Objective: This study examined the individual and combined impact of N-terminal pro-B-type natriuretic peptide (NT-proBNP), high-sensitivity cardiac troponin T (hs-cTnT), interleukin-6 (IL-6), and high-sensitivity C-reactive protein (hs-CRP) on the prediction of heart failure incidence or progression in patients with type 2 diabetes.
Research Design and Methods: A nested case-cohort study was conducted in 3,098 participants with type 2 diabetes in the Action in Diabetes and Vascular Disease: Preterax and Diamicron Modified Release Controlled Evaluation (ADVANCE) trial.

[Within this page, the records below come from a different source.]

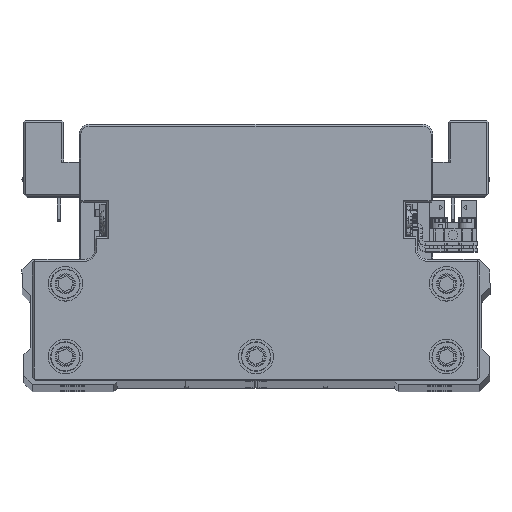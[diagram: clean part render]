
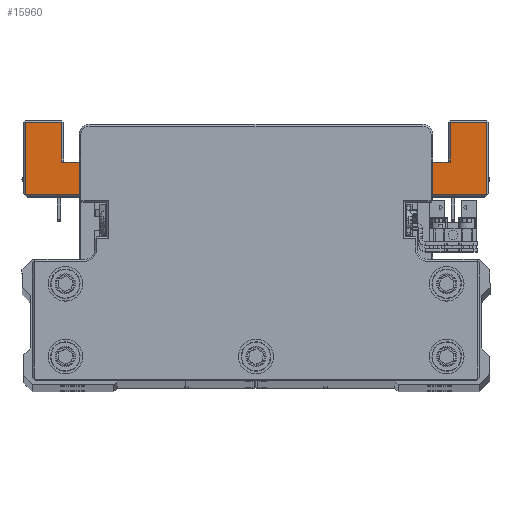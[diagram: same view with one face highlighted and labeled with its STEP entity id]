
A CAD part, top view. The second image highlights one B-rep face of the part: STEP entity #15960.
In plain terms, the highlighted planar face has unit normal (0, 0, 1) as drawn and (0, -1, 0) by its records, which use the part's own axes.
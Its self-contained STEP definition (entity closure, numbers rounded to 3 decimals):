
#846 = LINE ( 'NONE', #13344, #17427 ) ;
#869 = EDGE_CURVE ( 'NONE', #32589, #4708, #34335, .T. ) ;
#1062 = CARTESIAN_POINT ( 'NONE',  ( 66.5, -45., -43. ) ) ;
#1307 = CARTESIAN_POINT ( 'NONE',  ( 39.868, -45., -42.987 ) ) ;
#1458 = VERTEX_POINT ( 'NONE', #10237 ) ;
#1706 = CARTESIAN_POINT ( 'NONE',  ( 66.5, -45., -43.5 ) ) ;
#2185 = ORIENTED_EDGE ( 'NONE', *, *, #37369, .T. ) ;
#2400 = AXIS2_PLACEMENT_3D ( 'NONE', #28019, #40545, #12426 ) ;
#2470 = CARTESIAN_POINT ( 'NONE',  ( 40.066, -45., -41.5 ) ) ;
#2774 = CARTESIAN_POINT ( 'NONE',  ( 55.5, -45., -52.5 ) ) ;
#2839 = CARTESIAN_POINT ( 'NONE',  ( 67., -45., -64. ) ) ;
#2986 = FACE_OUTER_BOUND ( 'NONE', #32832, .T. ) ;
#3406 = DIRECTION ( 'NONE',  ( 1., 0., 0. ) ) ;
#3752 = AXIS2_PLACEMENT_3D ( 'NONE', #2470, #14983, #27503 ) ;
#4152 = DIRECTION ( 'NONE',  ( 0., 0., -1. ) ) ;
#4304 = CARTESIAN_POINT ( 'NONE',  ( -39.868, -45., -42.987 ) ) ;
#4424 = ORIENTED_EDGE ( 'NONE', *, *, #29760, .T. ) ;
#4708 = VERTEX_POINT ( 'NONE', #9057 ) ;
#4800 = VERTEX_POINT ( 'NONE', #34715 ) ;
#5962 = CARTESIAN_POINT ( 'NONE',  ( -46., -45., -52.5 ) ) ;
#5991 = LINE ( 'NONE', #18496, #19308 ) ;
#6206 = CARTESIAN_POINT ( 'NONE',  ( 46., -45., -52.5 ) ) ;
#7089 = VECTOR ( 'NONE', #15288, 1000. ) ;
#7380 = EDGE_CURVE ( 'NONE', #13626, #1458, #27494, .T. ) ;
#7479 = CARTESIAN_POINT ( 'NONE',  ( -40.066, -45., -41.5 ) ) ;
#7506 = VECTOR ( 'NONE', #35855, 1000. ) ;
#7987 = EDGE_CURVE ( 'NONE', #35783, #40210, #40483, .T. ) ;
#8135 = ORIENTED_EDGE ( 'NONE', *, *, #30843, .F. ) ;
#8398 = VECTOR ( 'NONE', #4152, 1000. ) ;
#8685 = VERTEX_POINT ( 'NONE', #21879 ) ;
#8795 = VERTEX_POINT ( 'NONE', #1307 ) ;
#9057 = CARTESIAN_POINT ( 'NONE',  ( 46., -45., -54. ) ) ;
#9196 = DIRECTION ( 'NONE',  ( -1., 0., 0. ) ) ;
#9337 = VERTEX_POINT ( 'NONE', #33066 ) ;
#9377 = CARTESIAN_POINT ( 'NONE',  ( -46., -45., -52.5 ) ) ;
#9558 = VECTOR ( 'NONE', #3406, 1000. ) ;
#9799 = CARTESIAN_POINT ( 'NONE',  ( 25.802, -45., -41.111 ) ) ;
#10237 = CARTESIAN_POINT ( 'NONE',  ( -66.5, -45., -64. ) ) ;
#10802 = LINE ( 'NONE', #23297, #7506 ) ;
#10863 = DIRECTION ( 'NONE',  ( 0., 1., 0. ) ) ;
#11522 = ORIENTED_EDGE ( 'NONE', *, *, #23389, .T. ) ;
#11675 = VERTEX_POINT ( 'NONE', #32288 ) ;
#11893 = DIRECTION ( 'NONE',  ( 0., 0., -1. ) ) ;
#11920 = EDGE_CURVE ( 'NONE', #40210, #18330, #5991, .T. ) ;
#12424 = LINE ( 'NONE', #24928, #24588 ) ;
#12426 = DIRECTION ( 'NONE',  ( 0., 0., -1. ) ) ;
#13318 = EDGE_CURVE ( 'NONE', #8685, #13626, #846, .T. ) ;
#13344 = CARTESIAN_POINT ( 'NONE',  ( -66., -45., -43. ) ) ;
#13626 = VERTEX_POINT ( 'NONE', #36939 ) ;
#14063 = VERTEX_POINT ( 'NONE', #9377 ) ;
#14220 = DIRECTION ( 'NONE',  ( 0., 0., 1. ) ) ;
#14801 = VERTEX_POINT ( 'NONE', #23644 ) ;
#14983 = DIRECTION ( 'NONE',  ( 0., 1., 0. ) ) ;
#15288 = DIRECTION ( 'NONE',  ( -1., 0., 0. ) ) ;
#15332 = VECTOR ( 'NONE', #34332, 1000. ) ;
#15354 = DIRECTION ( 'NONE',  ( 1., 0., 0. ) ) ;
#15501 = PLANE ( 'NONE',  #2400 ) ;
#15711 = ORIENTED_EDGE ( 'NONE', *, *, #13318, .T. ) ;
#15960 = ADVANCED_FACE ( 'NONE', ( #2986 ), #15501, .T. ) ;
#17427 = VECTOR ( 'NONE', #25864, 1000. ) ;
#18330 = VERTEX_POINT ( 'NONE', #4304 ) ;
#18466 = DIRECTION ( 'NONE',  ( 0., 0., 1. ) ) ;
#18496 = CARTESIAN_POINT ( 'NONE',  ( -39.868, -45., -42.987 ) ) ;
#18711 = DIRECTION ( 'NONE',  ( 0., 0., -1. ) ) ;
#18987 = LINE ( 'NONE', #31521, #9558 ) ;
#19085 = EDGE_CURVE ( 'NONE', #34933, #11675, #19734, .T. ) ;
#19308 = VECTOR ( 'NONE', #31032, 1000. ) ;
#19734 = LINE ( 'NONE', #32274, #8398 ) ;
#20486 = CARTESIAN_POINT ( 'NONE',  ( -36.217, -45., -42.5 ) ) ;
#20685 = VECTOR ( 'NONE', #18466, 1000. ) ;
#20934 = ORIENTED_EDGE ( 'NONE', *, *, #19085, .T. ) ;
#21019 = CARTESIAN_POINT ( 'NONE',  ( -56., -45., -52.5 ) ) ;
#21420 = CIRCLE ( 'NONE', #3752, 1.5 ) ;
#21776 = CARTESIAN_POINT ( 'NONE',  ( -77.786, -45., -42.5 ) ) ;
#21878 = CARTESIAN_POINT ( 'NONE',  ( 36.217, -45., -42.5 ) ) ;
#21879 = CARTESIAN_POINT ( 'NONE',  ( -40.066, -45., -43. ) ) ;
#21882 = LINE ( 'NONE', #34442, #27212 ) ;
#22221 = ORIENTED_EDGE ( 'NONE', *, *, #37236, .T. ) ;
#22301 = DIRECTION ( 'NONE',  ( -0.991, 0., 0.132 ) ) ;
#22668 = AXIS2_PLACEMENT_3D ( 'NONE', #7479, #10863, #23355 ) ;
#23297 = CARTESIAN_POINT ( 'NONE',  ( 46., -45., -54. ) ) ;
#23355 = DIRECTION ( 'NONE',  ( 0., 0., -1. ) ) ;
#23389 = EDGE_CURVE ( 'NONE', #33236, #25476, #21882, .T. ) ;
#23644 = CARTESIAN_POINT ( 'NONE',  ( -46., -45., -54. ) ) ;
#23849 = EDGE_CURVE ( 'NONE', #1458, #9337, #18987, .T. ) ;
#23858 = VECTOR ( 'NONE', #22301, 1000. ) ;
#24588 = VECTOR ( 'NONE', #37462, 1000. ) ;
#24786 = LINE ( 'NONE', #37324, #38428 ) ;
#24928 = CARTESIAN_POINT ( 'NONE',  ( -56., -45., -52.5 ) ) ;
#25038 = ORIENTED_EDGE ( 'NONE', *, *, #869, .F. ) ;
#25476 = VERTEX_POINT ( 'NONE', #31673 ) ;
#25864 = DIRECTION ( 'NONE',  ( -1., 0., 0. ) ) ;
#27212 = VECTOR ( 'NONE', #39575, 1000. ) ;
#27284 = ORIENTED_EDGE ( 'NONE', *, *, #32585, .F. ) ;
#27494 = LINE ( 'NONE', #40018, #31686 ) ;
#27503 = DIRECTION ( 'NONE',  ( 0., 0., -1. ) ) ;
#27800 = CARTESIAN_POINT ( 'NONE',  ( 46., -45., -52.5 ) ) ;
#28019 = CARTESIAN_POINT ( 'NONE',  ( 0., -45., 0. ) ) ;
#28750 = EDGE_CURVE ( 'NONE', #4800, #33236, #29818, .T. ) ;
#29317 = ORIENTED_EDGE ( 'NONE', *, *, #30431, .F. ) ;
#29760 = EDGE_CURVE ( 'NONE', #9337, #33739, #12424, .T. ) ;
#29818 = LINE ( 'NONE', #1706, #35684 ) ;
#30235 = ORIENTED_EDGE ( 'NONE', *, *, #7987, .T. ) ;
#30431 = EDGE_CURVE ( 'NONE', #14801, #14063, #34094, .T. ) ;
#30649 = ORIENTED_EDGE ( 'NONE', *, *, #39076, .T. ) ;
#30843 = EDGE_CURVE ( 'NONE', #14063, #33739, #24786, .T. ) ;
#30888 = LINE ( 'NONE', #2774, #7089 ) ;
#30954 = LINE ( 'NONE', #2839, #35759 ) ;
#31032 = DIRECTION ( 'NONE',  ( -0.991, 0., -0.132 ) ) ;
#31174 = ORIENTED_EDGE ( 'NONE', *, *, #11920, .T. ) ;
#31521 = CARTESIAN_POINT ( 'NONE',  ( -55.5, -45., -64. ) ) ;
#31609 = EDGE_CURVE ( 'NONE', #25476, #8795, #21420, .T. ) ;
#31639 = CARTESIAN_POINT ( 'NONE',  ( 56., -45., -52.5 ) ) ;
#31673 = CARTESIAN_POINT ( 'NONE',  ( 40.066, -45., -43. ) ) ;
#31686 = VECTOR ( 'NONE', #11893, 1000. ) ;
#31967 = ORIENTED_EDGE ( 'NONE', *, *, #38338, .T. ) ;
#32274 = CARTESIAN_POINT ( 'NONE',  ( 56., -45., -64.5 ) ) ;
#32288 = CARTESIAN_POINT ( 'NONE',  ( 56., -45., -64. ) ) ;
#32585 = EDGE_CURVE ( 'NONE', #34933, #32589, #30888, .T. ) ;
#32589 = VERTEX_POINT ( 'NONE', #27800 ) ;
#32832 = EDGE_LOOP ( 'NONE', ( #30235, #31174, #30649, #15711, #38279, #35189, #4424, #8135, #29317, #2185, #25038, #27284, #20934, #31967, #34019, #11522, #40288, #22221 ) ) ;
#33066 = CARTESIAN_POINT ( 'NONE',  ( -56., -45., -64. ) ) ;
#33236 = VERTEX_POINT ( 'NONE', #1062 ) ;
#33739 = VERTEX_POINT ( 'NONE', #21019 ) ;
#34019 = ORIENTED_EDGE ( 'NONE', *, *, #28750, .T. ) ;
#34094 = LINE ( 'NONE', #5962, #20685 ) ;
#34332 = DIRECTION ( 'NONE',  ( -1., 0., 0. ) ) ;
#34335 = LINE ( 'NONE', #6206, #37327 ) ;
#34442 = CARTESIAN_POINT ( 'NONE',  ( 40.066, -45., -43. ) ) ;
#34715 = CARTESIAN_POINT ( 'NONE',  ( 66.5, -45., -64. ) ) ;
#34933 = VERTEX_POINT ( 'NONE', #31639 ) ;
#35189 = ORIENTED_EDGE ( 'NONE', *, *, #23849, .T. ) ;
#35684 = VECTOR ( 'NONE', #14220, 1000. ) ;
#35759 = VECTOR ( 'NONE', #15354, 1000. ) ;
#35783 = VERTEX_POINT ( 'NONE', #21878 ) ;
#35855 = DIRECTION ( 'NONE',  ( 1., 0., 0. ) ) ;
#36939 = CARTESIAN_POINT ( 'NONE',  ( -66.5, -45., -43. ) ) ;
#37236 = EDGE_CURVE ( 'NONE', #8795, #35783, #37923, .T. ) ;
#37324 = CARTESIAN_POINT ( 'NONE',  ( -55.5, -45., -52.5 ) ) ;
#37327 = VECTOR ( 'NONE', #18711, 1000. ) ;
#37369 = EDGE_CURVE ( 'NONE', #14801, #4708, #10802, .T. ) ;
#37462 = DIRECTION ( 'NONE',  ( 0., 0., 1. ) ) ;
#37923 = LINE ( 'NONE', #9799, #23858 ) ;
#38279 = ORIENTED_EDGE ( 'NONE', *, *, #7380, .T. ) ;
#38338 = EDGE_CURVE ( 'NONE', #11675, #4800, #30954, .T. ) ;
#38428 = VECTOR ( 'NONE', #9196, 1000. ) ;
#39076 = EDGE_CURVE ( 'NONE', #18330, #8685, #40387, .T. ) ;
#39575 = DIRECTION ( 'NONE',  ( -1., 0., 0. ) ) ;
#40018 = CARTESIAN_POINT ( 'NONE',  ( -66.5, -45., -64.5 ) ) ;
#40210 = VERTEX_POINT ( 'NONE', #20486 ) ;
#40288 = ORIENTED_EDGE ( 'NONE', *, *, #31609, .T. ) ;
#40387 = CIRCLE ( 'NONE', #22668, 1.5 ) ;
#40483 = LINE ( 'NONE', #21776, #15332 ) ;
#40545 = DIRECTION ( 'NONE',  ( 0., -1., 0. ) ) ;

Results: A higher value of each biomarker was significantly associated with a higher risk of heart failure incidence or progression, after adjustment for major risk factors. The hazard ratios per 1-SD increase were 3.06 (95% CI 2.37-3.96) for NT-proBNP, 1.50 (1.27-1.77) for hs-cTnT, 1.48 (1.27-1.72) for IL-6, and 1.32 (1.12-1.55) for hs-CRP. Addition of NT-proBNP to the model including conventional risk factors meaningfully improved 5-year risk predictive performance (c-statistic 0.8162 to 0.8800; continuous net reclassification improvement [NRI] 73.1%; categorical NRI [<5%, 5-10%, >10% 5-year risk] 24.2%). In contrast, addition of hs-cTnT, IL-6 or hs-CRP did not improve the prediction metrics consistently either in combination or when added to NT-proBNP.
Conclusions: Only NT-proBNP, strongly and consistently improved prediction of heart failure in patients with type 2 diabetes beyond a wide range of clinical risk factors and biomarkers.